One of the central tenets of the new law is that ISPs such as Amazon. eBay and Google will be legally bound to report all 'serious breaches' of their networks to the national governments of the EU member states and systems or face serious sanctions. However, social networking sites such as Facebook and Yahoo will not be subject to the same requirements or penalties.

Andus Ansip, the former Prime Minister of Estonia, is now at the European Commission (EC) overseeing the development of Europe's Digital Single Market with the remit to make Europe a world leader in ICT and to fight cybercrime.  He commented, “Trust and security are the very foundations of a Digital Single Market. If we want people and businesses to use and make the most of connected digital services, they need to trust them to be secure in the case of attack or failure.”

Mr. Ansip added, "The Internet knows no borders - a problem in one country can have a knock-on effect in the rest of Europe. This is why we need EU-wide cyber-security solutions. This agreement is an important step in this direction. The new law will build-up consumers' trust in Internet services, especially cross-border services."

The Network and Information Security Directive codifies in law the security and reporting obligations incumbent on companies and enterprises in what are classified as 'critical and essential sectors'. These include, energy, health, finance and transport.

German MEP, Andreas Schwab, who oversaw the law's passage through the European Parliament said, "Germany pushed hard for a harmonised identification of critical operators in energy, transport, health or banking fields, which will have to fulfil security measures and notify significant cyber incidents. Member states will have to cooperate more on cyber-security – which is more important than ever in light of the current security situation in Europe."

It means that the likes of Amazon, Cisco, Google and Microsoft have been classified as 'essential service providers, alongside the likes of energy, banking, healthcare and transport companies, and they too will be required to report any attacks or breaches.
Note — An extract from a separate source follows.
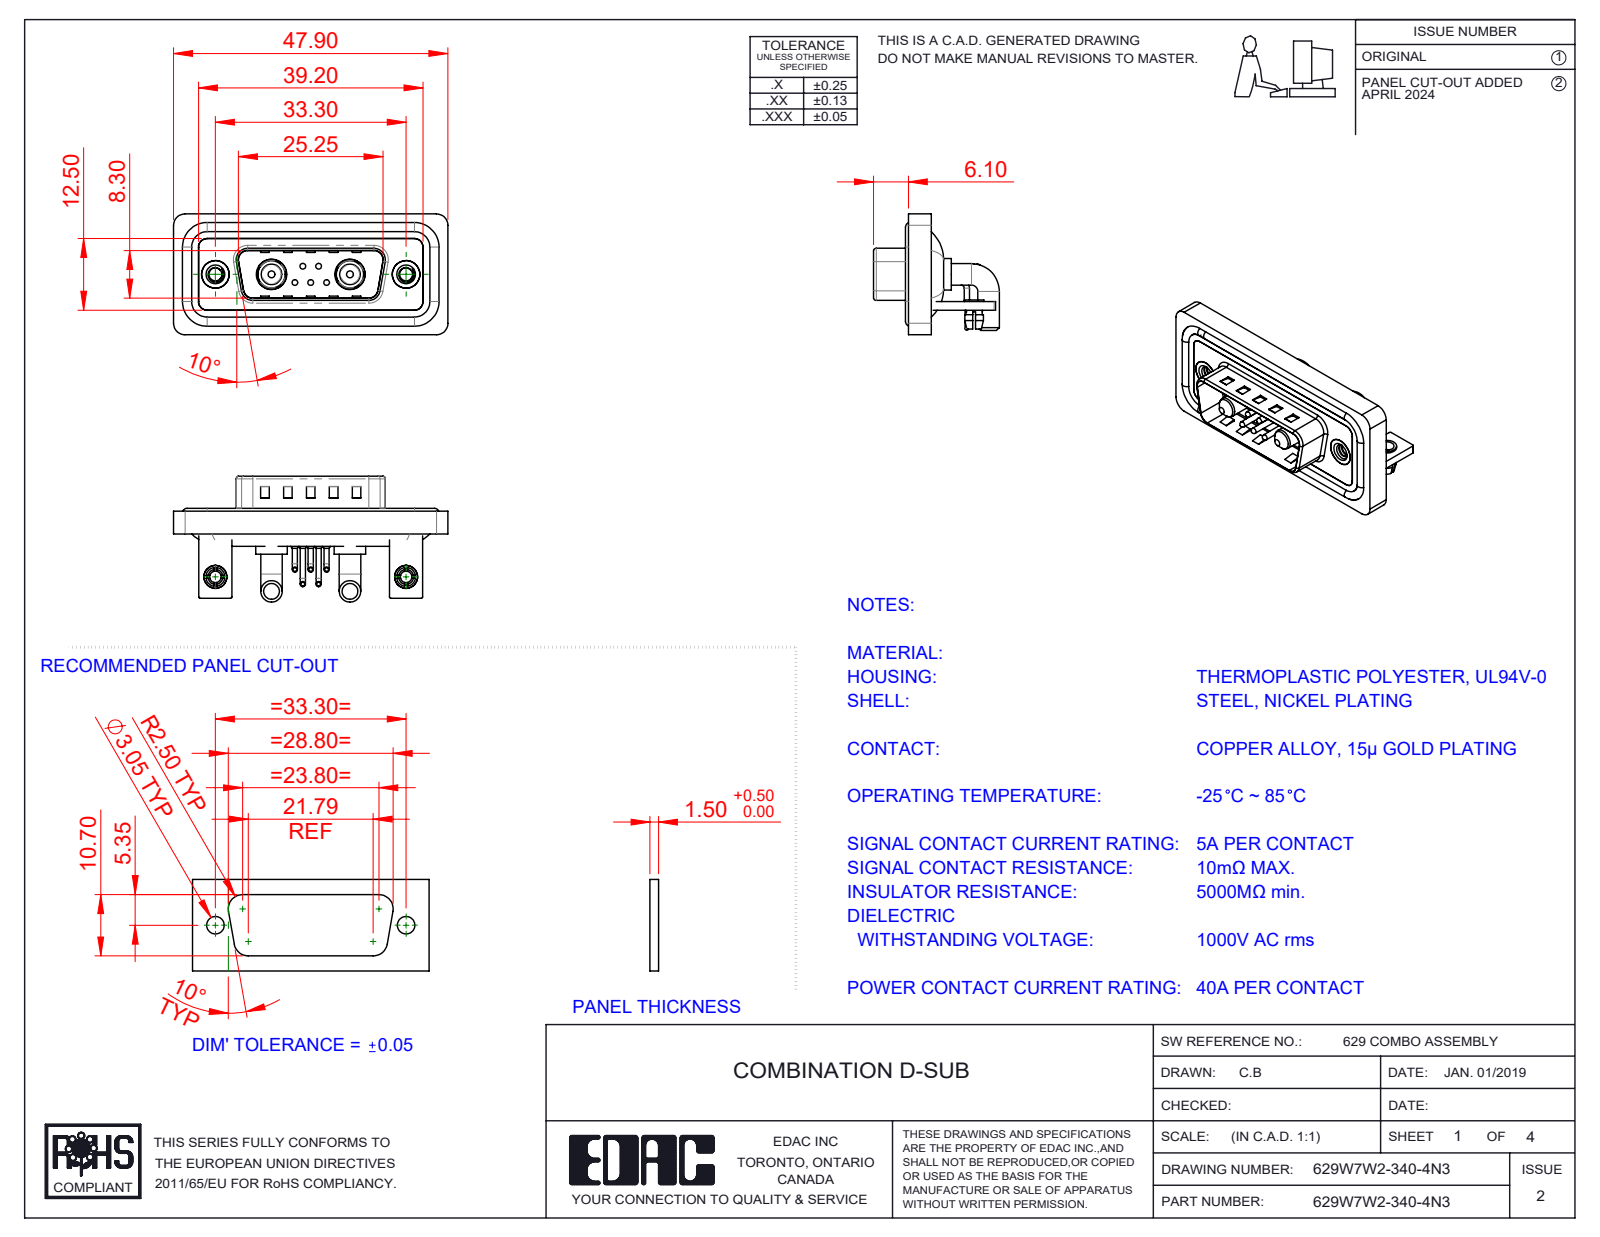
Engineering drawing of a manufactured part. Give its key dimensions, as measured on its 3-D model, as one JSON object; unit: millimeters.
{"part_name": "629Combo Shell Front_15 Contacts; 629Combo Threaded Rivet_3; 629Combo Contact Row 1; 629Combo Board Lock (+7 more)", "step_written_by": "SolidWorks 2023 (CONFIG_CONTROL_DESIGN)", "units": "millimeters", "bodies": {"solids": 20, "faces": 1215, "planar": 585, "cylindrical": 456, "other": 174}, "overall_size": [47.9, 21.98, 21.1], "volume_mm3": 6140, "surface_area_mm2": 10026, "round_holes": [[2, 7], [0.75, 5], [1.6, 5], [2.26, 2], [2.5, 2], [3.2, 2], [4, 2], [4.8, 2], [4.85, 2], [5, 2], [5.3, 2]], "round_bosses_or_shafts": [[0.9, 10], [1.5, 5], [1, 5], [0.65, 5], [3.75, 4], [1.6, 4], [5.5, 2], [5.2, 2]], "partial_cylinders_radius": [[2, 21], [1.5, 18], [0.25, 16], [0.5, 9], [1.6, 8], [1.01, 5], [0.6, 4], [0.65, 4]], "face_to_face_distances": [0.4, 0.8, 1.5, 2.9, 2.1, 1.1, 1.6, 1.2, 3.7, 4.5], "hole_center_spacings": [3.16, 2.77, 9.8, 23.5, 33.3, 4.31, 4.33, 5.03]}

Andus Ansip again: “We need EU-wide cyber-security solutions. The agreement is an important step in this direction, but we cannot stop here: we plan an ambitious partnership with the industry in the coming months to develop more secure products and services.”

Günther Oettinger, the EU's Commissioner for the Digital Economy and Society, observed, "The agreement constitutes a major step in improving the resilience of our network and information systems in Europe. Improving cooperation and information exchange between Member States is a key element of the agreed rules and will help us tackle the increasing number of cyber-attacks.”

Now the text of the political agreement will be approved by the European Parliament and the Council. After that  it will gazetted in the EU Official Journal and thus become European law. Henceforth it will be incumbent on relevant businesses and organisations to make themselves completely familiar with their responsibilities under the terms of the new legislation and as "operators of essential services” must be prepared to take all “appropriate security measures” and notify serious incidents to the relevant national body.

The EC expects that the new law will have the effect of making companies much more honest and transparent about the security breaches they suffer and will force the senior management and boards of directors of such enterprises publicly to declare and reveal that a cyber-security breach has happened; something that, in the past, many companies have been most unwilling to acknowledge. Should they fail to so so once the new law is in place, the companies face fines of five per cent of their global revenues.